Toward bootstrapping tensor-network contractions

Abstract

Accurate contraction of tensor networks beyond one dimension is essential in various fields including quantum many-body physics. Existing approaches typically rely on approximate contraction schemes and do not provide certified error bars. We introduce a numerical bootstrap framework which casts the problem of tensor-network contractions into a convex optimization problem, thereby yielding certified lower and upper bounds on expectation values of physical observables. As a proof-of-principle, we construct such constraints explicitly for translationally invariant matrix product states and demonstrate that, assuming a canonical form, second-order-cone relaxation can provide tight bounds on the contraction result. We further demonstrate that when the requirement on canonical form is lifted, a more general semidefinite-programming approach could yield similar tight bounds at higher but still polynomial computational cost. Our work suggests numerical bootstrap could be a possible way forward for the rigorous contractions of tensor networks.

Figures (4)

• Figure 1: Illustration of an example of two-dimensional tensor networks. (a) A transfer matrix defined by a local tensor of PEPS. (b) An operator acting on the local bond space. (c) A diagrammatic expression of the expectation value of a local operator $O$ with respect to a given environment $E$. (d) An expectation value of a local operator $O$ for a given boundary environment $\rho$. Tensors surrounding the target site form a linear map $\mathcal{E}:\mathbb{M}_{\chi^{4N}}(\mathbb{C})\rightarrow \mathbb{M}_{\chi^{4}}(\mathbb{C})$.
• Figure 2: Parameter space $\mathcal{B}_{n}$ of density matrices for a single qubit for $n=0,1,2,3,4$. For comparison, $\{\mathcal{B}_{m}\}_{m=0}^{n-1}$ are also shown semi-transparently. The parameter space becomes increasingly constrained as $n$ increases.
• Figure 3: Projected parameter space of environments at the target site for a random MPS with $\chi = 20$. The full parameter space is defined by $\mathcal{C}_{\Lambda_{R}}\ (1 \leq R \leq 20)$ and the normalization slice $x_0 = 1/\chi$, whose intersection forms a hyper-ellipsoid. For visualization purposes, the parameter space is projected onto the $x_1$-$x_2$ plane.
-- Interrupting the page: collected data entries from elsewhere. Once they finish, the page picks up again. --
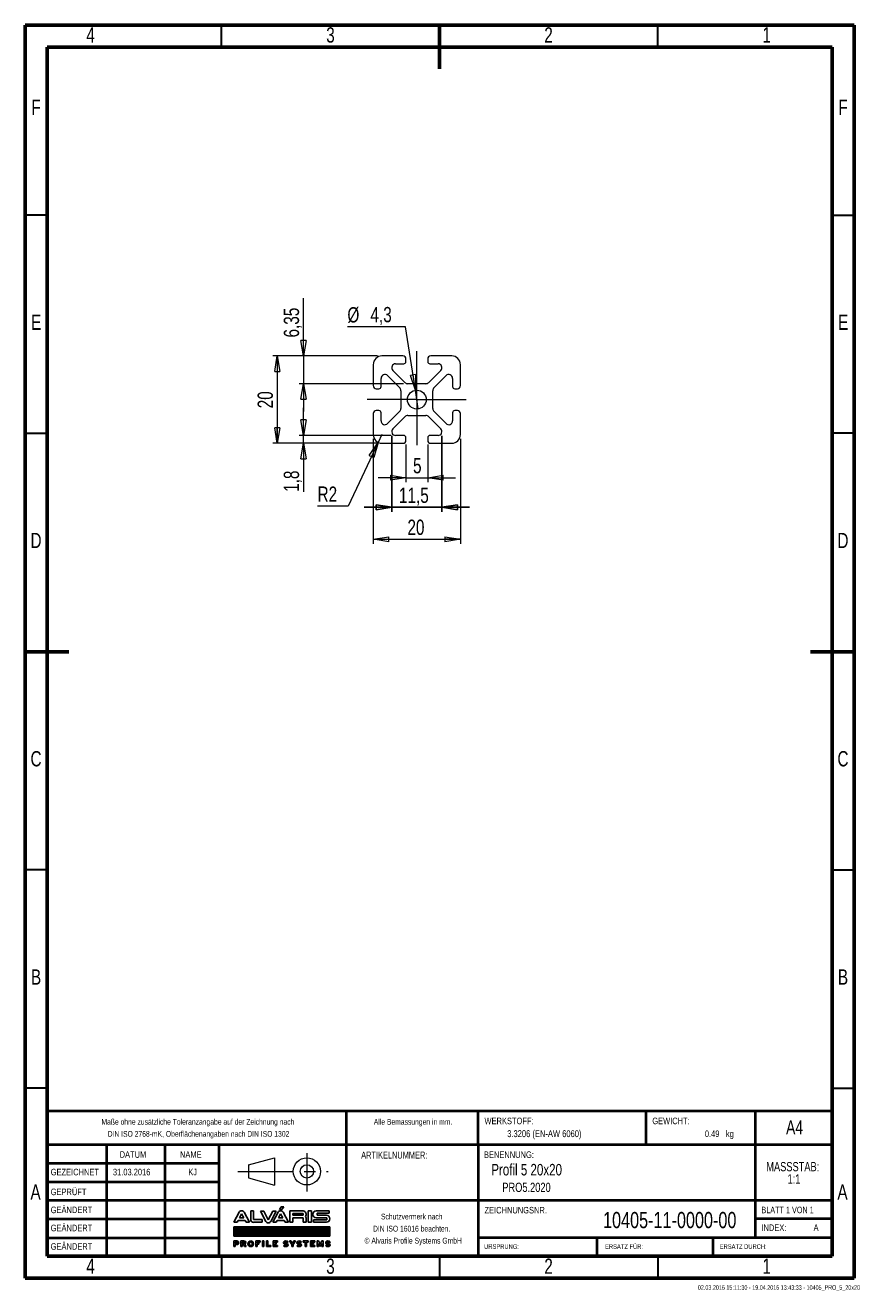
# Model space of a CAD drawing. Header units: millimetres. Extents: x 15 to 206, y 2 to 292.
import ezdxf

# ---------------------------------------------------------------- set-up
doc = ezdxf.new("R2010")
doc.units = ezdxf.units.MM
doc.header["$PDSIZE"] = -1
doc.linetypes.add('CENTERX2', pattern=[20.32, 12.7, -2.54, 2.54, -2.54])
for name, color, linetype in [('FORMAT', 7, 'Continuous'), ('SLD-0', 179, 'Continuous'), ('STANDARD_GRAU', 8, 'Continuous')]:
    doc.layers.add(name, color=color, linetype=linetype)
doc.styles.add('SLDTEXTSTYLE0', font='TXT', dxfattribs={"width": 0.75})
doc.styles.add('SLDTEXTSTYLE1', font='TXT', dxfattribs={"width": 0.692308})
doc.styles.add('SLDTEXTSTYLE2', font='TXT', dxfattribs={"width": 0.7})
doc.dimstyles.new('SLDDIMSTYLE0', dxfattribs={"dimtxt": 3.5, "dimasz": 3.556, "dimexe": 0, "dimexo": 0.0625, "dimgap": 0.875, "dimtad": 1, "dimdec": 1, "dimrnd": 1e-09, "dimzin": 12, "dimdsep": 46, "dimtxsty": 'SLDTEXTSTYLE0', "dimblk1": 'CLOSED', "dimblk2": 'CLOSED', "dimsah": 1, "dimcen": 0.09, "dimadec": 0, "dimazin": 3, "dimtfac": 1, "dimtmove": 0, "dimatfit": 0, "dimldrblk": 'CLOSED', "dimfxl": 1, "dimfrac": 2, "dimtolj": 1, "dimtzin": 12, "dimarcsym": 0})
doc.dimstyles.new('SLDDIMSTYLE1', dxfattribs={"dimtxt": 3.5, "dimasz": 3.556, "dimexe": 0, "dimexo": 0.0625, "dimgap": 0.875, "dimtad": 1, "dimrnd": 1e-09, "dimzin": 12, "dimdsep": 46, "dimtxsty": 'SLDTEXTSTYLE0', "dimblk1": 'CLOSED', "dimblk2": 'CLOSED', "dimsah": 1, "dimcen": 0.09, "dimadec": 0, "dimazin": 3, "dimtfac": 1, "dimtmove": 0, "dimatfit": 0, "dimldrblk": 'CLOSED', "dimfxl": 1, "dimfrac": 2, "dimtolj": 1, "dimtzin": 12, "dimarcsym": 0})
doc.dimstyles.new('SLDDIMSTYLE2', dxfattribs={"dimtxt": 3.5, "dimasz": 3.556, "dimexe": 0, "dimexo": 0.0625, "dimgap": 0.875, "dimtad": 1, "dimrnd": 1e-09, "dimzin": 12, "dimdsep": 46, "dimtxsty": 'SLDTEXTSTYLE0', "dimblk1": 'CLOSED', "dimblk2": 'CLOSED', "dimsah": 1, "dimcen": 0.09, "dimadec": 0, "dimazin": 3, "dimtfac": 1, "dimtofl": 0, "dimtmove": 0, "dimatfit": 3, "dimldrblk": 'CLOSED', "dimfxl": 1, "dimfrac": 2, "dimtolj": 1, "dimtzin": 12, "dimarcsym": 0})
doc.dimstyles.new('SLDDIMSTYLE3', dxfattribs={"dimtxt": 3.5, "dimasz": 3.556, "dimexe": 0, "dimexo": 0.0625, "dimgap": 0.875, "dimtad": 1, "dimdec": 1, "dimrnd": 1e-09, "dimzin": 12, "dimdsep": 46, "dimtxsty": 'SLDTEXTSTYLE0', "dimblk1": 'CLOSED', "dimblk2": 'CLOSED', "dimsah": 1, "dimcen": 0.09, "dimadec": 0, "dimazin": 3, "dimtfac": 1, "dimtdec": 1, "dimtmove": 0, "dimatfit": 0, "dimldrblk": 'CLOSED', "dimfxl": 1, "dimfrac": 2, "dimtolj": 1, "dimtzin": 12, "dimarcsym": 0})
doc.dimstyles.new('SLDDIMSTYLE4', dxfattribs={"dimtxt": 3.5, "dimasz": 3.556, "dimexe": 0, "dimexo": 0.0625, "dimgap": 0.875, "dimtad": 0, "dimtih": 1, "dimtoh": 1, "dimdec": 1, "dimrnd": 1e-09, "dimzin": 12, "dimdsep": 46, "dimtxsty": 'SLDTEXTSTYLE0', "dimblk1": 'NONE', "dimblk2": 'CLOSED', "dimsah": 1, "dimcen": 0, "dimadec": 0, "dimazin": 3, "dimtfac": 1, "dimtdec": 1, "dimtmove": 0, "dimatfit": 3, "dimldrblk": 'NONE', "dimfxl": 1, "dimfrac": 2, "dimtolj": 1, "dimtzin": 12, "dimarcsym": 0})
doc.dimstyles.new('SLDDIMSTYLE5', dxfattribs={"dimtxt": 3.5, "dimasz": 3.556, "dimexe": 0, "dimexo": 0.0625, "dimgap": 0.875, "dimtad": 0, "dimtih": 1, "dimtoh": 1, "dimrnd": 1e-09, "dimzin": 12, "dimdsep": 46, "dimtxsty": 'SLDTEXTSTYLE0', "dimblk1": 'CLOSED', "dimblk2": 'CLOSED', "dimsah": 1, "dimcen": 0, "dimadec": 0, "dimazin": 3, "dimtfac": 1, "dimtofl": 0, "dimtmove": 0, "dimatfit": 3, "dimldrblk": 'CLOSED', "dimfxl": 1, "dimfrac": 2, "dimtolj": 1, "dimtzin": 12, "dimarcsym": 0})

# ---------------------------------------------------------------- blocks, each defined once
blk = doc.blocks.new('Block2')
at = {"color": 7, "linetype": 'Continuous', "lineweight": 0}
for p, q in [((276.07, 30.81), (282.06, 32.4)), ((282.06, 32.4), (282.06, 26.16)), ((276.07, 30.81), (276.07, 27.78)), ((276.07, 27.78), (282.06, 26.16))]:
    blk.add_line(p, q, dxfattribs=at)
at = {"color": 7, "linetype": 'CENTERX2', "lineweight": 0}
for p, q in [((289.49, 33.46), (289.49, 24.67)), ((273.66, 29.29), (294.36, 29.29))]:
    blk.add_line(p, q, dxfattribs=at)
at = {"color": 7, "linetype": 'Continuous', "lineweight": 0}
for radius in [3.12, 1.52]:
    blk.add_circle((289.49, 29.29), radius, dxfattribs=at)
blk.add_attdef('AUTOATTR7', (0, 0), '', height=1, dxfattribs=at)
blk = doc.blocks.new('ALVARIS-LOGO_BL1')
at = {"layer": 'SLD-0', "color": 2, "linetype": 'Continuous'}
for p, q in [((-368.6, 33.5), (-327.7, 110.4)), ((-325.1, 67.6), (-308.8, 98.1)), ((-308.8, 98.1), (-292.6, 67.6)), ((-249, 33.5), (-289.9, 110.4)), ((-239.9, 121.2), (-218.3, 121.2)), ((-239.9, 121.2), (-239.9, 55)), ((-218.3, 121.2), (-218.3, 55)), ((-139.8, 117.8), (-165.3, 117.8)), ((-165.3, 117.8), (-124.3, 40.9)), ((-105.4, 53.2), (-139.8, 117.8)), ((-71, 117.8), (-105.4, 53.2)), ((-45.6, 117.8), (-86.5, 40.9)), ((-71.1, 33.5), (-30.2, 110.4)), ((-45.6, 117.8), (-71, 117.8)), ((-27.6, 67.6), (-11.3, 98.1)), ((-18.5, 130.5), (-6, 152.4)), ((-18.5, 130.5), (-2.9, 130.5)), ((-11.3, 98.1), (4.9, 67.6)), ((-6, 152.4), (14.6, 152.4)), ((-2.9, 130.5), (14.6, 152.4)), ((48.5, 33.5), (7.6, 110.4)), ((59.3, 33.5), (59.3, 121.2)), ((59.3, 121.2), (161.1, 121.2)), ((82.2, 100.8), (82.2, 88)), ((161.1, 100.8), (82.2, 100.8)), ((161.1, 88), (161.1, 100.8)), ((198.5, 33.5), (198.5, 121.2)), ((198.5, 121.2), (224.9, 121.2)), ((224.9, 33.5), (224.9, 121.2)), ((260.8, 121.2), (359.8, 121.2)), ((359.8, 102.2), (267.3, 102.2)), ((267.3, 102.2), (267.3, 88)), ((359.8, 121.2), (359.8, 102.2)), ((-368.6, 33.5), (-343.2, 33.5)), ((-343.2, 33.5), (-335.2, 48.5)), ((-335.2, 48.5), (-282.4, 48.5)), ((-292.6, 67.6), (-325.1, 67.6)), ((-282.4, 48.5), (-274.4, 33.5)), ((-274.4, 33.5), (-249, 33.5)), ((-218.3, 55), (-151.8, 55)), ((-151.8, 33.5), (-218.3, 33.5)), ((-151.8, 55), (-151.8, 33.5)), ((-71.1, 33.5), (-45.7, 33.5)), ((-45.7, 33.5), (-37.7, 48.5)), ((-37.7, 48.5), (15.1, 48.5)), ((4.9, 67.6), (-27.6, 67.6)), ((15.1, 48.5), (23.1, 33.5)), ((23.1, 33.5), (48.5, 33.5)), ((82.2, 33.5), (59.3, 33.5)), ((82.2, 88), (161.1, 88)), ((82.2, 67.6), (82.2, 33.5)), ((82.2, 67.6), (161.1, 67.6)), ((161.1, 67.6), (161.1, 33.5)), ((161.1, 33.5), (184, 33.5)), ((184, 33.5), (184, 67.6)), ((224.9, 33.5), (198.5, 33.5)), ((241.1, 33.5), (241.1, 52.7)), ((241.1, 52.7), (341.3, 52.7)), ((241.1, 33.5), (340, 33.5)), ((341.3, 67.6), (260.8, 67.6)), ((267.3, 88), (340, 88)), ((341.3, 52.7), (341.3, 67.6)), ((-368.6, -1.7), (365.4, -1.7)), ((-368.6, -72.5), (-368.6, -1.7)), ((365.4, -1.7), (-368.6, -1.7)), ((-368.6, -1.7), (-368.6, -72.5)), ((-368.6, -71.5), (-298.8, -1.7)), ((-368.6, -67.5), (-302.8, -1.7)), ((-368.6, -63.6), (-306.7, -1.7)), ((-368.6, -59.6), (-310.7, -1.7)), ((-368.6, -55.7), (-314.6, -1.7)), ((-368.6, -51.7), (-318.6, -1.7)), ((-368.6, -47.8), (-322.5, -1.7)), ((-368.6, -43.8), (-326.5, -1.7)), ((-368.6, -39.9), (-330.5, -1.7)), ((-368.6, -35.9), (-334.4, -1.7)), ((-368.6, -31.9), (-338.4, -1.7)), ((-368.6, -28), (-342.3, -1.7)), ((-368.6, -24), (-346.3, -1.7)), ((-368.6, -20.1), (-350.2, -1.7)), ((-368.6, -16.1), (-354.2, -1.7)), ((-368.6, -12.2), (-358.1, -1.7)), ((-368.6, -8.2), (-362.1, -1.7)), ((-368.6, -4.3), (-366, -1.7)), ((365.4, -72.5), (-368.6, -72.5)), ((-368.6, -72.5), (365.4, -72.5)), ((-365.7, -72.5), (-294.9, -1.7)), ((-361.7, -72.5), (-290.9, -1.7)), ((-357.8, -72.5), (-287, -1.7)), ((-353.8, -72.5), (-283, -1.7)), ((-349.8, -72.5), (-279.1, -1.7)), ((-345.9, -72.5), (-275.1, -1.7)), ((-341.9, -72.5), (-271.2, -1.7)), ((-338, -72.5), (-267.2, -1.7)), ((-334, -72.5), (-263.2, -1.7)), ((-330.1, -72.5), (-259.3, -1.7)), ((-326.1, -72.5), (-255.3, -1.7)), ((-322.2, -72.5), (-251.4, -1.7)), ((-318.2, -72.5), (-247.4, -1.7)), ((-314.3, -72.5), (-243.5, -1.7)), ((-310.3, -72.5), (-239.5, -1.7)), ((-306.4, -72.5), (-235.6, -1.7)), ((-302.4, -72.5), (-231.6, -1.7)), ((-298.5, -72.5), (-227.7, -1.7)), ((-294.5, -72.5), (-223.7, -1.7)), ((-290.5, -72.5), (-219.8, -1.7)), ((-286.6, -72.5), (-215.8, -1.7)), ((-282.6, -72.5), (-211.8, -1.7)), ((-278.7, -72.5), (-207.9, -1.7)), ((-274.7, -72.5), (-203.9, -1.7)), ((-270.8, -72.5), (-200, -1.7)), ((-266.8, -72.5), (-196, -1.7)), ((-262.9, -72.5), (-192.1, -1.7)), ((-258.9, -72.5), (-188.1, -1.7)), ((-255, -72.5), (-184.2, -1.7)), ((-251, -72.5), (-180.2, -1.7)), ((-247.1, -72.5), (-176.3, -1.7)), ((-243.1, -72.5), (-172.3, -1.7)), ((-239.2, -72.5), (-168.4, -1.7)), ((-235.2, -72.5), (-164.4, -1.7)), ((-231.2, -72.5), (-160.5, -1.7)), ((-227.3, -72.5), (-156.5, -1.7)), ((-223.3, -72.5), (-152.5, -1.7)), ((-219.4, -72.5), (-148.6, -1.7)), ((-215.4, -72.5), (-144.6, -1.7)), ((-211.5, -72.5), (-140.7, -1.7)), ((-207.5, -72.5), (-136.7, -1.7)), ((-203.6, -72.5), (-132.8, -1.7)), ((-199.6, -72.5), (-128.8, -1.7)), ((-195.7, -72.5), (-124.9, -1.7)), ((-191.7, -72.5), (-120.9, -1.7)), ((-187.8, -72.5), (-117, -1.7)), ((-183.8, -72.5), (-113, -1.7)), ((-179.8, -72.5), (-109.1, -1.7)), ((-175.9, -72.5), (-105.1, -1.7)), ((-171.9, -72.5), (-101.2, -1.7)), ((-168, -72.5), (-97.2, -1.7)), ((-164, -72.5), (-93.2, -1.7)), ((-160.1, -72.5), (-89.3, -1.7)), ((-156.1, -72.5), (-85.3, -1.7)), ((-152.2, -72.5), (-81.4, -1.7)), ((-148.2, -72.5), (-77.4, -1.7)), ((-144.3, -72.5), (-73.5, -1.7)), ((-140.3, -72.5), (-69.5, -1.7)), ((-136.4, -72.5), (-65.6, -1.7)), ((-132.4, -72.5), (-61.6, -1.7)), ((-128.5, -72.5), (-57.7, -1.7)), ((-124.5, -72.5), (-53.7, -1.7)), ((-120.5, -72.5), (-49.8, -1.7)), ((-116.6, -72.5), (-45.8, -1.7)), ((-112.6, -72.5), (-41.8, -1.7)), ((-108.7, -72.5), (-37.9, -1.7)), ((-104.7, -72.5), (-33.9, -1.7)), ((-100.8, -72.5), (-30, -1.7)), ((-96.8, -72.5), (-26, -1.7)), ((-92.9, -72.5), (-22.1, -1.7)), ((-88.9, -72.5), (-18.1, -1.7)), ((-85, -72.5), (-14.2, -1.7)), ((-81, -72.5), (-10.2, -1.7)), ((-77.1, -72.5), (-6.3, -1.7)), ((-73.1, -72.5), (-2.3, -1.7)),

The right panel shows an enlarged view of the region $-1.5 \times 10^{-4} \leq x_1 \leq 5 \times 10^{-5}$ and $-2 \times 10^{-4} \leq x_2 \leq 1 \times 10^{-5}$. Similar tightening can be observed for other projections of the parameter space.
• Figure 4: Numerical bounds on the expectation value of a randomly chosen observable for a randomly generated MPS with bond dimension $\chi=8$. Here, we take $L=R$ and compute the bounds for $0\leq R \leq 30$. The result for $R \to \infty$ is computed by left- and right-fixed point environments.